As I have mentioned before, these courtesies are taught but by mothers, not fathers, so I think you are off-base here. My father worked every day of the week. My mother taught me everything I know about how to treat a woman, plus I loved and respected her deeply, and then he died when I was ten. I think you need to address the inherent stressors in a Capitalistic society that stem from competition and adaptability. David G. Meyers professor of psychology at Hope College, wrote in his book, “Social Psychology,” that “prejudice is bred by social situations, while emotional factors add fuel to the fire.” Meyers suggested that “one source of frustration is competition, when two groups compete for jobs, housing or social prestige, one group’s goal-fulfillment can become the other group’s goal frustration… Similarly, researchers have consistently detected the strongest anti black prejudice among Whites who are closest to blacks in the socioeconomic ladder.”
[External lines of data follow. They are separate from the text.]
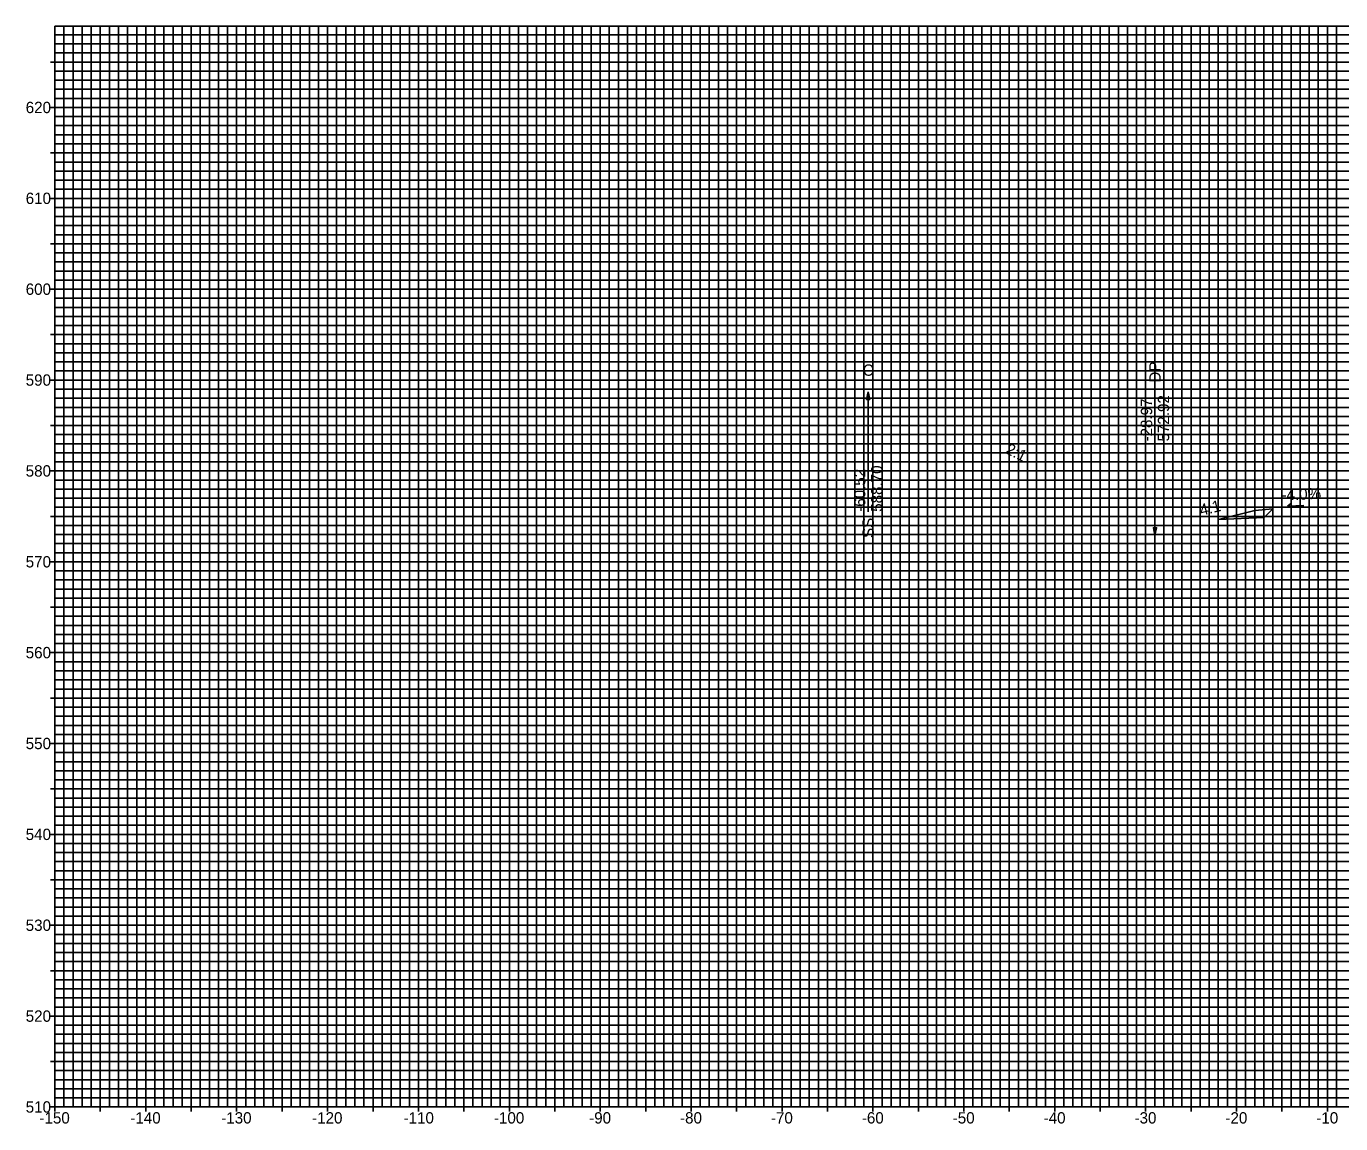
# Model space of a CAD drawing. Extents: x -153 to 153, y 508 to 629.
# Drawn here: x -153.1 to -8.5, y 508.2 to 628.9 of the extents above; entities that cross this region are included whole.
import ezdxf

# ---------------------------------------------------------------- set-up
doc = ezdxf.new("R2010")
doc.units = 0
for name, color, linetype in [('E_NCDOT_XS_Center_Line_Elevation_Label', 7, 'Continuous'), ('Level_63', 7, 'Continuous'), ('P_NCDOT_XS_Label_Grade_Point', 7, 'Continuous'), ('P_NCDOT_XS_Label_Slope_Superelevation', 7, 'Continuous'), ('P_NCDOT_XS_Sheet_Annotation_Label', 7, 'Continuous'), ('P_NCDOT_XS_Sheet_Grid_Border', 7, 'Continuous'), ('Prop XS Grade Point', 7, 'Continuous'), ('Scratch_Level_3', 7, 'Continuous'), ('Scratch_Level_4', 7, 'Continuous'), ('Sheet_Grid_Major', 7, 'Continuous'), ('Sheet_Grid_Middle', 7, 'Continuous'), ('Sheet_Grid_Minor', 7, 'Continuous')]:
    doc.layers.add(name, color=color, linetype=linetype)

msp = doc.modelspace()

# ---------------------------------------------------------------- linework, layer by layer
at = {"layer": 'E_NCDOT_XS_Center_Line_Elevation_Label'}
for p, q in [((-14.4, 576.13), (-14.07, 576.38)), ((-12.6, 576.2), (-14.4, 576.13))]:
    msp.add_line(p, q, dxfattribs=at)
at = {"layer": 'Level_63'}
msp.add_line((-11, 576.02), (-11, 576.65), dxfattribs=at)
at = {"layer": 'P_NCDOT_XS_Label_Grade_Point'}
for p, q in [((-60.52, 588.7), (-60.52, 575.5)), ((-60.52, 588.7), (-60.52, 575.5)), ((-28.97, 572.92), (-28.97, 588.52))]:
    msp.add_line(p, q, dxfattribs=at)
for points in [[(-60.52, 588.7), (-60.34, 587.88), (-60.7, 587.88)], [(-60.52, 588.7), (-60.34, 587.88), (-60.7, 587.88)], [(-28.97, 572.92), (-29.14, 573.74), (-28.79, 573.74)]]:
    msp.add_lwpolyline(points, close=True, dxfattribs=at)
at = {"layer": 'P_NCDOT_XS_Sheet_Grid_Border'}
for p, q in [((-150, 628.94), (150, 628.94)), ((-150, 510), (-150, 628.94)), ((-150, 510), (150, 510))]:
    msp.add_line(p, q, dxfattribs=at)
at = {"layer": 'Scratch_Level_3'}
msp.add_line((-21.98, 574.67), (-16.95, 574.87), dxfattribs=at)
at = {"layer": 'Scratch_Level_4'}
msp.add_lwpolyline([(-21.98, 574.67), (-16.95, 574.87), (-16, 575.82), (-18, 575.66)], close=True, dxfattribs=at)
at = {"layer": 'Sheet_Grid_Major'}
for p, q in [((-140, 510), (-140, 628.94)), ((-130, 510), (-130, 628.94)), ((-120, 510), (-120, 628.94)), ((-110, 510), (-110, 628.94)), ((-100, 510), (-100, 628.94)), ((-90, 510), (-90, 628.94)), ((-80, 510), (-80, 628.94)), ((-70, 510), (-70, 628.94)), ((-60, 510), (-60, 628.94)), ((-50, 510), (-50, 628.94)), ((-40, 510), (-40, 628.94)), ((-30, 510), (-30, 628.94)), ((-20, 510), (-20, 628.94)), ((-10, 510), (-10, 628.94)), ((-150, 620), (150, 620)), ((-150, 610), (150, 610)), ((-150, 600), (150, 600)), ((-150, 590), (150, 590)), ((-150, 580), (150, 580)), ((-150, 570), (150, 570)), ((-150, 560), (150, 560)), ((-150, 550), (150, 550)), ((-150, 540), (150, 540)), ((-150, 530), (150, 530)), ((-150, 520), (150, 520))]:
    msp.add_line(p, q, dxfattribs=at)
at = {"layer": 'Sheet_Grid_Middle'}
for p, q in [((-145, 510), (-145, 628.94)), ((-140, 510), (-140, 628.94)), ((-135, 510), (-135, 628.94)), ((-130, 510), (-130, 628.94)), ((-125, 510), (-125, 628.94)), ((-120, 510), (-120, 628.94)), ((-115, 510), (-115, 628.94)), ((-110, 510), (-110, 628.94)), ((-105, 510), (-105, 628.94)), ((-100, 510), (-100, 628.94)), ((-95, 510), (-95, 628.94)), ((-90, 510), (-90, 628.94)), ((-85, 510), (-85, 628.94)), ((-80, 510), (-80, 628.94)), ((-75, 510), (-75, 628.94)), ((-70, 510), (-70, 628.94)), ((-65, 510), (-65, 628.94)), ((-60, 510), (-60, 628.94)), ((-55, 510), (-55, 628.94)), ((-50, 510), (-50, 628.94)), ((-45, 510), (-45, 628.94)), ((-40, 510), (-40, 628.94)), ((-35, 510), (-35, 628.94)), ((-30, 510), (-30, 628.94)), ((-25, 510), (-25, 628.94)), ((-20, 510), (-20, 628.94)), ((-15, 510), (-15, 628.94)), ((-10, 510), (-10, 628.94)), ((-150, 625), (-150.48, 625)), ((-150, 625), (150, 625)), ((-150, 620), (-150.48, 620)), ((-150, 620), (150, 620)), ((-150, 615), (-150.48, 615)), ((-150, 615), (150, 615)), ((-150, 610), (-150.48, 610)), ((-150, 610), (150, 610)), ((-150, 605), (-150.48, 605)), ((-150, 605), (150, 605)), ((-150, 600), (-150.48, 600)), ((-150, 600), (150, 600)), ((-150, 595), (-150.48, 595)), ((-150, 595), (150, 595)), ((-150, 590), (-150.48, 590)), ((-150, 590), (150, 590)), ((-150, 585), (-150.48, 585)), ((-150, 585), (150, 585)), ((-150, 580), (-150.48, 580)), ((-150, 580), (150, 580)), ((-150, 575), (-150.48, 575)), ((-150, 575), (150, 575)), ((-150, 570), (-150.48, 570)), ((-150, 570), (150, 570)), ((-150, 565), (-150.48, 565)), ((-150, 565), (150, 565)), ((-150, 560), (-150.48, 560)), ((-150, 560), (150, 560)), ((-150, 555), (-150.48, 555)), ((-150, 555), (150, 555)), ((-150, 550), (-150.48, 550)), ((-150, 550), (150, 550)), ((-150, 545), (-150.48, 545)), ((-150, 545), (150, 545)), ((-150, 540), (-150.48, 540)), ((-150, 540), (150, 540)), ((-150, 535), (-150.48, 535)), ((-150, 535), (150, 535)), ((-150, 530), (-150.48, 530)), ((-150, 530), (150, 530)), ((-150, 525), (-150.48, 525)), ((-150, 525), (150, 525)), ((-150, 520), (-150.48, 520)), ((-150, 520), (150, 520)), ((-150, 515), (-150.48, 515)), ((-150, 515), (150, 515)), ((-150, 510), (-150.48, 510)), ((-150, 510), (-150, 509.52)), ((-145, 510), (-145, 509.52)), ((-140, 510), (-140, 509.52)), ((-135, 510), (-135, 509.52)), ((-130, 510), (-130, 509.52)), ((-125, 510), (-125, 509.52)), ((-120, 510), (-120, 509.52)), ((-115, 510), (-115, 509.52)), ((-110, 510), (-110, 509.52)), ((-105, 510), (-105, 509.52)), ((-100, 510), (-100, 509.52)), ((-95, 510), (-95, 509.52)), ((-90, 510), (-90, 509.52)), ((-85, 510), (-85, 509.52)), ((-80, 510), (-80, 509.52)), ((-75, 510), (-75, 509.52)), ((-70, 510), (-70, 509.52)), ((-65, 510), (-65, 509.52)), ((-60, 510), (-60, 509.52)), ((-55, 510), (-55, 509.52)), ((-50, 510), (-50, 509.52)), ((-45, 510), (-45, 509.52)), ((-40, 510), (-40, 509.52)), ((-35, 510), (-35, 509.52)), ((-30, 510), (-30, 509.52)), ((-25, 510), (-25, 509.52)), ((-20, 510), (-20, 509.52)), ((-15, 510), (-15, 509.52)), ((-10, 510), (-10, 509.52))]:
    msp.add_line(p, q, dxfattribs=at)
at = {"layer": 'Sheet_Grid_Minor'}
for p, q in [((-150, 628), (150, 628)), ((-149, 510), (-149, 628.94)), ((-148, 510), (-148, 628.94)), ((-147, 510), (-147, 628.94)), ((-146, 510), (-146, 628.94)), ((-144, 510), (-144, 628.94)), ((-143, 510), (-143, 628.94)), ((-142, 510), (-142, 628.94)), ((-141, 510), (-141, 628.94)), ((-139, 510), (-139, 628.94)), ((-138, 510), (-138, 628.94)), ((-137, 510), (-137, 628.94)), ((-136, 510), (-136, 628.94)), ((-134, 510), (-134, 628.94)), ((-133, 510), (-133, 628.94)), ((-132, 510), (-132, 628.94)), ((-131, 510), (-131, 628.94)), ((-129, 510), (-129, 628.94)), ((-128, 510), (-128, 628.94)), ((-127, 510), (-127, 628.94)), ((-126, 510), (-126, 628.94)), ((-124, 510), (-124, 628.94)), ((-123, 510), (-123, 628.94)), ((-122, 510), (-122, 628.94)), ((-121, 510), (-121, 628.94)), ((-119, 510), (-119, 628.94)), ((-118, 510), (-118, 628.94)), ((-117, 510), (-117, 628.94)), ((-116, 510), (-116, 628.94)), ((-114, 510), (-114, 628.94)), ((-113, 510), (-113, 628.94)), ((-112, 510), (-112, 628.94)), ((-111, 510), (-111, 628.94)), ((-109, 510), (-109, 628.94)), ((-108, 510), (-108, 628.94)), ((-107, 510), (-107, 628.94)), ((-106, 510), (-106, 628.94)), ((-104, 510), (-104, 628.94)), ((-103, 510), (-103, 628.94)), ((-102, 510), (-102, 628.94)), ((-101, 510), (-101, 628.94)), ((-99, 510), (-99, 628.94)), ((-98, 510), (-98, 628.94)), ((-97, 510), (-97, 628.94)), ((-96, 510), (-96, 628.94)), ((-94, 510), (-94, 628.94)), ((-93, 510), (-93, 628.94)), ((-92, 510), (-92, 628.94)), ((-91, 510), (-91, 628.94)), ((-89, 510), (-89, 628.94)), ((-88, 510), (-88, 628.94)), ((-87, 510), (-87, 628.94)), ((-86, 510), (-86, 628.94)), ((-84, 510), (-84, 628.94)), ((-83, 510), (-83, 628.94)), ((-82, 510), (-82, 628.94)), ((-81, 510), (-81, 628.94)), ((-79, 510), (-79, 628.94)), ((-78, 510), (-78, 628.94)), ((-77, 510), (-77, 628.94)), ((-76, 510), (-76, 628.94)), ((-74, 510), (-74, 628.94)), ((-73, 510), (-73, 628.94)), ((-72, 510), (-72, 628.94)), ((-71, 510), (-71, 628.94)), ((-69, 510), (-69, 628.94)), ((-68, 510), (-68, 628.94)), ((-67, 510), (-67, 628.94)), ((-66, 510), (-66, 628.94)), ((-64, 510), (-64, 628.94)), ((-63, 510), (-63, 628.94)), ((-62, 510), (-62, 628.94)), ((-61, 510), (-61, 628.94)), ((-59, 510), (-59, 628.94)), ((-58, 510), (-58, 628.94)), ((-57, 510), (-57, 628.94)), ((-56, 510), (-56, 628.94)), ((-54, 510), (-54, 628.94)), ((-53, 510), (-53, 628.94)), ((-52, 510), (-52, 628.94)), ((-51, 510), (-51, 628.94)), ((-49, 510), (-49, 628.94)), ((-48, 510), (-48, 628.94)), ((-47, 510), (-47, 628.94)), ((-46, 510), (-46, 628.94)), ((-44, 510), (-44, 628.94)), ((-43, 510), (-43, 628.94)), ((-42, 510), (-42, 628.94)), ((-41, 510), (-41, 628.94)), ((-39, 510), (-39, 628.94)), ((-38, 510), (-38, 628.94)), ((-37, 510), (-37, 628.94)), ((-36, 510), (-36, 628.94)), ((-34, 510), (-34, 628.94)), ((-33, 510), (-33, 628.94)), ((-32, 510), (-32, 628.94)), ((-31, 510), (-31, 628.94)), ((-29, 510), (-29, 628.94)), ((-28, 510), (-28, 628.94)), ((-27, 510), (-27, 628.94)), ((-26, 510), (-26, 628.94)), ((-24, 510), (-24, 628.94)), ((-23, 510), (-23, 628.94)), ((-22, 510), (-22, 628.94)), ((-21, 510), (-21, 628.94)), ((-19, 510), (-19, 628.94)), ((-18, 510), (-18, 628.94)), ((-17, 510), (-17, 628.94)), ((-16, 510), (-16, 628.94)), ((-14, 510), (-14, 628.94)), ((-13, 510), (-13, 628.94)), ((-12, 510), (-12, 628.94)), ((-11, 510), (-11, 628.94)), ((-9, 510), (-9, 628.94)), ((-150, 627), (150, 627)), ((-150, 626), (150, 626)), ((-150, 624), (150, 624)), ((-150, 623), (150, 623)), ((-150, 622), (150, 622)), ((-150, 621), (150, 621)), ((-150, 619), (150, 619)), ((-150, 618), (150, 618)), ((-150, 617), (150, 617)), ((-150, 616), (150, 616)), ((-150, 614), (150, 614)), ((-150, 613), (150, 613)), ((-150, 612), (150, 612)), ((-150, 611), (150, 611)), ((-150, 609), (150, 609)), ((-150, 608), (150, 608)), ((-150, 607), (150, 607)), ((-150, 606), (150, 606)), ((-150, 604), (150, 604)), ((-150, 603), (150, 603)), ((-150, 602), (150, 602)), ((-150, 601), (150, 601)), ((-150, 599), (150, 599)), ((-150, 598), (150, 598)), ((-150, 597), (150, 597)), ((-150, 596), (150, 596)), ((-150, 594), (150, 594)), ((-150, 593), (150, 593)), ((-150, 592), (150, 592)), ((-150, 591), (150, 591)), ((-150, 589), (150, 589)), ((-150, 588), (150, 588)), ((-150, 587), (150, 587)), ((-150, 586), (150, 586)), ((-150, 584), (150, 584)), ((-150, 583), (150, 583)), ((-150, 582), (150, 582)), ((-150, 581), (150, 581)), ((-150, 579), (150, 579)), ((-150, 578), (150, 578)), ((-150, 577), (150, 577)), ((-150, 576), (150, 576)), ((-150, 574), (150, 574)), ((-150, 573), (150, 573)), ((-150, 572), (150, 572)), ((-150, 571), (150, 571)), ((-150, 569), (150, 569)), ((-150, 568), (150, 568)), ((-150, 567), (150, 567)), ((-150, 566), (150, 566)), ((-150, 564), (150, 564)), ((-150, 563), (150, 563)), ((-150, 562), (150, 562)), ((-150, 561), (150, 561)), ((-150, 559), (150, 559)), ((-150, 558), (150, 558)), ((-150, 557), (150, 557)), ((-150, 556), (150, 556)), ((-150, 554), (150, 554)), ((-150, 553), (150, 553)), ((-150, 552), (150, 552)), ((-150, 551), (150, 551)), ((-150, 549), (150, 549)), ((-150, 548), (150, 548)), ((-150, 547), (150, 547)), ((-150, 546), (150, 546)), ((-150, 544), (150, 544)), ((-150, 543), (150, 543)), ((-150, 542), (150, 542)), ((-150, 541), (150, 541)), ((-150, 539), (150, 539)), ((-150, 538), (150, 538)), ((-150, 537), (150, 537)), ((-150, 536), (150, 536)), ((-150, 534), (150, 534)), ((-150, 533), (150, 533)), ((-150, 532), (150, 532)), ((-150, 531), (150, 531)), ((-150, 529), (150, 529)), ((-150, 528), (150, 528)), ((-150, 527), (150, 527)), ((-150, 526), (150, 526)), ((-150, 524), (150, 524)), ((-150, 523), (150, 523)), ((-150, 522), (150, 522)), ((-150, 521), (150, 521)), ((-150, 519), (150, 519)), ((-150, 518), (150, 518)), ((-150, 517), (150, 517)), ((-150, 516), (150, 516)), ((-150, 514), (150, 514)), ((-150, 513), (150, 513)), ((-150, 512), (150, 512)), ((-150, 511), (150, 511))]:
    msp.add_line(p, q, dxfattribs=at)

# ---------------------------------------------------------------- texts
at = {"layer": 'P_NCDOT_XS_Label_Slope_Superelevation'}
for s, rotation, p in [('2:1', 333.4349, (-45.53, 582)), ('-4.0%', 2.2906, (-15.03, 576.74)), ('4:1', 14.0362, (-23.88, 575.05)), ('4:1', 14.0362, (-23.88, 575.05))]:
    msp.add_text(s, height=1.248, rotation=rotation, dxfattribs=at).set_placement(p)
at = {"layer": 'P_NCDOT_XS_Sheet_Annotation_Label'}
for s, p in [('620', (-153.21, 619.38)), ('610', (-153.21, 609.38)), ('600', (-153.21, 599.38)), ('590', (-153.21, 589.38)), ('580', (-153.21, 579.38)), ('570', (-153.21, 569.38)), ('560', (-153.21, 559.38)), ('550', (-153.21, 549.38)), ('540', (-153.21, 539.38)), ('530', (-153.21, 529.38)), ('520', (-153.21, 519.38)), ('510', (-153.21, 509.38)), ('-150', (-151.7, 508.18)), ('-140', (-141.7, 508.18)), ('-130', (-131.7, 508.18)), ('-120', (-121.7, 508.18)), ('-110', (-111.64, 508.18)), ('-100', (-101.7, 508.18)), ('-90', (-91.22, 508.18)), ('-80', (-81.22, 508.18)), ('-70', (-71.22, 508.18)), ('-60', (-61.22, 508.18)), ('-50', (-51.22, 508.18)), ('-40', (-41.22, 508.18)), ('-30', (-31.22, 508.18)), ('-20', (-21.22, 508.18)), ('-10', (-11.22, 508.18))]:
    msp.add_text(s, height=1.248, dxfattribs=at).set_placement(p)
at = {"layer": 'Prop XS Grade Point'}
msp.add_text('C', height=1.25, dxfattribs=at).set_placement((-61.12, 590.47))
msp.add_text('C', height=1.25, dxfattribs=at).set_placement((-61.12, 590.47))
for s, p in [('DP', (-28.34, 589.72)), ('-28.97', (-29.28, 583.24)), ('572.92', (-27.41, 583.24)), ('-60.52', (-60.83, 575.5)), ('-60.52', (-60.83, 575.5)), ('588.70', (-58.96, 575.5)), ('588.70', (-58.96, 575.5)), ('SS', (-59.9, 572.62)), ('SS', (-59.9, 572.62))]:
    msp.add_text(s, height=1.248, rotation=90, dxfattribs=at).set_placement(p)

doc.saveas('drawing.dxf')

Meyer’s also said that “pain and frustration can evoke hostility when the cause of our frustration is too intimidating or too vague. We often redirect our hostility, a phenomenon known as ‘displaced aggression,’ which may have contributed to an increase in the number of lynchings of black people in the Southern United States between 1882 to 1930. There was a tendency for more lynchings to occur in years when the cotton price was low and economic frustration was therefore presumably high.”
Meyers said, “when interests clash, prejudice pays, for some people.”
You are worried about a chair being pulled for a woman, when you should be worried about the economy. You might also look at Bigger Thomas in Richard Wright’s Native Son, where he yells at his mother because she got fired from an abusive White home, where she was working as a maid. Why would any huge, refrigerator-sized Blackman not just go over to a White man’s house, where they fired his mother, who needs her job to feed a household of children and herself, and knock some sense into them instead of yelling at her? Well, because he knows he can’t get away with it. But, you can bet he had tears in his eyes and he didn’t mean to hurt her and it turns out he brutally murders his girlfriend, who if I remember correctly was pregnant. It’s all about the perception of success and roadblocks, as well as those who appear weaker than yourself, whom you can attack to make yourself feel better. No, pulling a chair out for a woman is a rest stop, an attempt at sanity amid the horrors of what you have to do to survive. Sure, this may be the only game a man has got in his arsenal of courtship, but he is struggling to commingle his needs with the reality of his attractiveness in a world that demands an economic superiority over everyone and everything.